#### WHAT THE TASK REQUIRES
Copy each line of the data below with the word "solids".

#### RECORD EXTRACTS
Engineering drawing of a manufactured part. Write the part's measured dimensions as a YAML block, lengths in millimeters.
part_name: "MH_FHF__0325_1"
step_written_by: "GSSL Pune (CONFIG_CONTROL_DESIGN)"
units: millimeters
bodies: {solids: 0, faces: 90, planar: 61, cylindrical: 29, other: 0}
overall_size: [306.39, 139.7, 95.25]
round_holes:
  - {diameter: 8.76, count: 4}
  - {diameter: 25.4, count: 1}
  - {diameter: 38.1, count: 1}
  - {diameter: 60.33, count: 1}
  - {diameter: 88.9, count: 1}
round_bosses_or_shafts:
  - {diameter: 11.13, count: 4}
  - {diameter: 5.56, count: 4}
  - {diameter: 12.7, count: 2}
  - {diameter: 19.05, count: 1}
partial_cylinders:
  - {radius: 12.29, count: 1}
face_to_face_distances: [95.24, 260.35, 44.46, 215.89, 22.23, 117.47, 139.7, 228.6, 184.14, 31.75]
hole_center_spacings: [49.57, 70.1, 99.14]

...

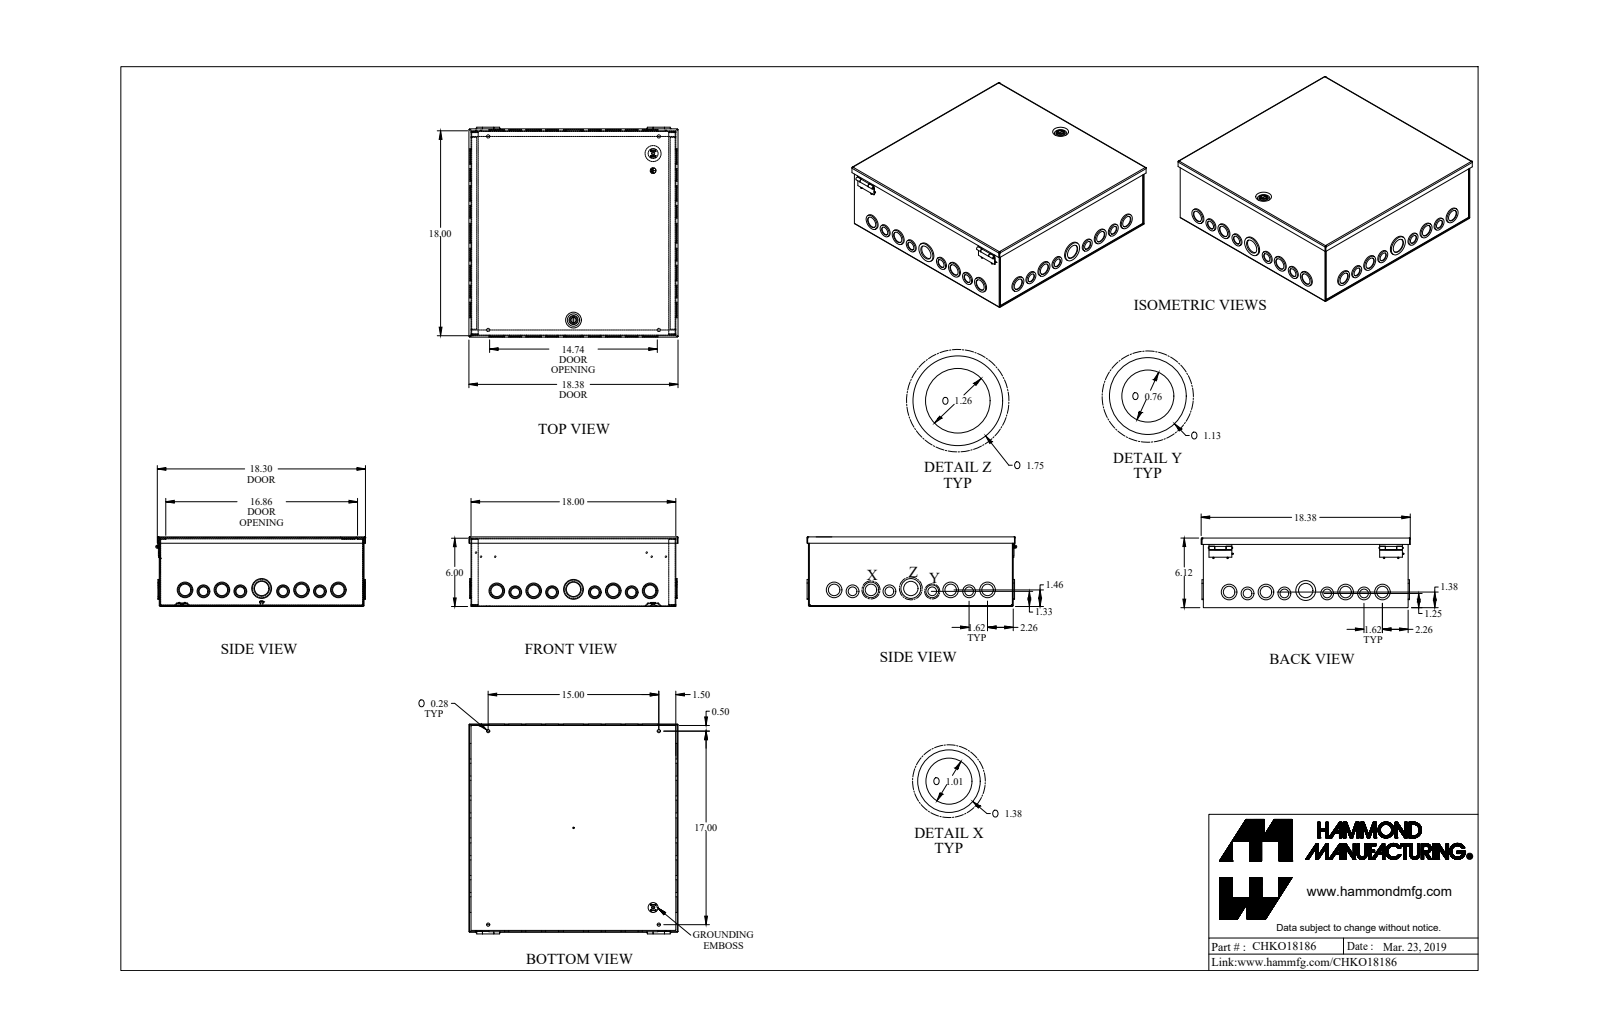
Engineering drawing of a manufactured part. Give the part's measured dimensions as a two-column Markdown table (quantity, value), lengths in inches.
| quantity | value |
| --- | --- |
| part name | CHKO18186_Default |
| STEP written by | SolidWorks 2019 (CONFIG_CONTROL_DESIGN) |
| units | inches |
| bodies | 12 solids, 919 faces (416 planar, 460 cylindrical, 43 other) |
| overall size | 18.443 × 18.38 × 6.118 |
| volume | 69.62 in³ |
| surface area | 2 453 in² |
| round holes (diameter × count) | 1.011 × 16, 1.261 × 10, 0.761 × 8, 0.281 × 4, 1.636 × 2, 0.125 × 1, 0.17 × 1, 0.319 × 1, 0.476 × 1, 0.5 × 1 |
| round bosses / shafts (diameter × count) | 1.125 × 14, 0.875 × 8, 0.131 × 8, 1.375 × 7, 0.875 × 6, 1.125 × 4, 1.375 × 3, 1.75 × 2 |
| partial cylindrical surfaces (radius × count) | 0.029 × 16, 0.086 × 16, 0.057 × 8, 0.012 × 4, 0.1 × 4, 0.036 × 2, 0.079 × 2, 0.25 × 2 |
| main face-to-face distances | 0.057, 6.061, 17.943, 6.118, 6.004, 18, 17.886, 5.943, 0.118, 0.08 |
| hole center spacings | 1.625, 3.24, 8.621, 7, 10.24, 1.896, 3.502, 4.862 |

#### YOUR SOLUTION
bodies: {solids: 0, faces: 90, planar: 61, cylindrical: 29, other: 0}
| bodies | 12 solids, 919 faces (416 planar, 460 cylindrical, 43 other) |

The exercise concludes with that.